Nonparametric Regression, ABC and CNN

Normal Deviate 2013-12-20

On Monday we had an interesting seminar by Samory Kpotufe on nonparametric regression. Samory presented a method for choosing the smoothing parameter, locally, in nonparametric regression. The method is simple and intuitive: construct confidence intervals using many different values of the smoothing parameter. Choose the value at which the confidence intervals stop intersecting. He has a theorem that shows that the estimator adapts to the local dimension and to the local smoothness. Very cool. The idea is similar in spirit to ideas that have been developed by Oleg Lepski and Alex Goldenshluger. I am looking forward to seeing Samory’s paper.

On Wednesday we were fortunate to have another seminar by my old friend Christian Robert. Christian and I have not seen each other for a while so it was fun to have dinner and hang out. Christian spoke about ABC (approximate Bayesian computation). But really, ABC was just an excuse to talk about a very fundamental question: if you replace the data by a summary statistics (not sufficient), when will the Bayes factor be consistent? He presented sufficient conditions and then did some interesting examples. The conditions are rather technical but I don’t think this can be avoided. In our era of Big Data, this type of question will arise all the time (not just in approximate Bayesian computation) and so it was nice to see that Christian and his colleagues are working on this.
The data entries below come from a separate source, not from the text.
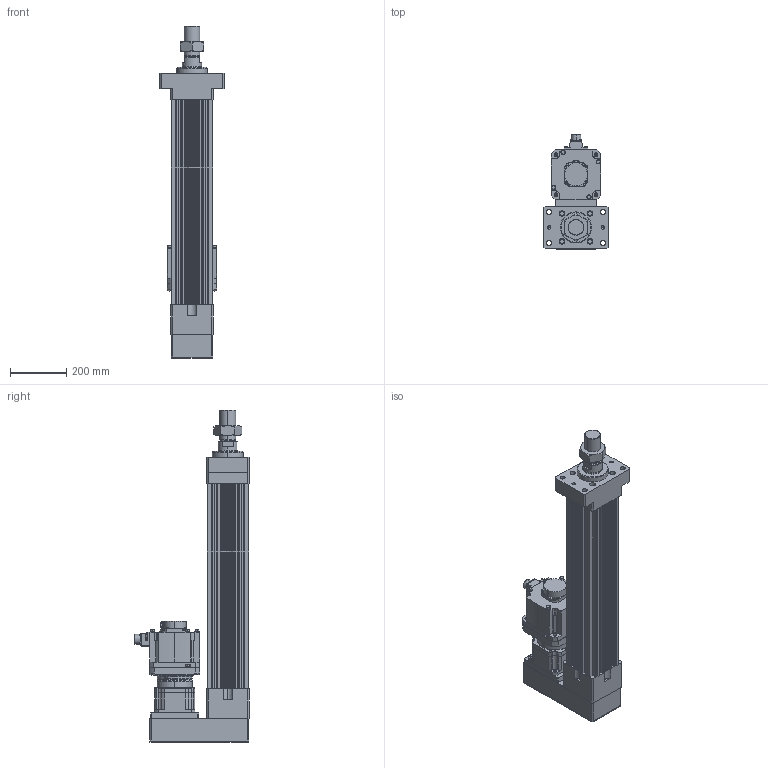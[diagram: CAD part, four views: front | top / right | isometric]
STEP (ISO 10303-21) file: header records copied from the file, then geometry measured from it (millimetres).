
FILE_DESCRIPTION (( 'STEP AP203' ), '1' );
FILE_NAME ('HES150NS(HS)-P450-W035G00-M-FMA.STEP', '2023-01-31T10:30:01', ( 'tms' ), ( '' ), 'SwSTEP 2.0', 'SolidWorks 2013', '' );
FILE_SCHEMA (( 'CONFIG_CONTROL_DESIGN' ));
Length unit declared in the file: millimetre
Products named in the file (9): HES150NS(HS)-P450-W035G00-M-FMA; HG-SR352; P0403500801; P1301500001; HES150-P450-G142-FMA; HES150 ROD M ST450; AB1421; AB142-003[HG-SR352]; M56X2.0P
Assembly tree (8 placements, depth 3):
  HES150NS(HS)-P450-W035G00-M-FMA
    HES150-P450-G142-FMA
    HES150 ROD M ST450
    M56X2.0P
    AB142-003[HG-SR352]
      AB1421
      P1301500001
      P0403500801
    HG-SR352
Bounding box: 230 x 403.85 x 1176 mm (x, y, z)
Volume: 20110248.6 mm3; surface area: 1972205.4 mm2
Topology: 4 solids, 18 shells, 1426 faces, 3722 edges, 2416 vertices
Faces by surface type: cylinder 669, plane 531, cone 144, bspline 76, torus 6
Entity records: 52806 total; most frequent: CARTESIAN_POINT 16363, DIRECTION 7620, ORIENTED_EDGE 7346, EDGE_CURVE 3695, AXIS2_PLACEMENT_3D 2898, VERTEX_POINT 2416, LINE 1824, VECTOR 1824

On a third, and unrelated note, I was watching CNN today. Someone named Roshini Raj (I believe she is a doctor at NYU) discussed a study from Harvard that showed that many foods, like pasta and red meat, are associated with depression. These reports drive me crazy. I have not looked at the study so I can’t comment on the study itself. But I had hoped that at least one anchor or the doctor would raise the obvious objection: this could be association without being causal. It did not occur to any of them to even raise this question. Instead, they immediately assume it is causal and started talking about the importance of avoiding pasta and red meat. I don’t find pasta or red meat depressing but I do find this kind of bad reporting depressing. Again, it is possible that the paper itself is careful about this; I don’t know. But the reporting sucks.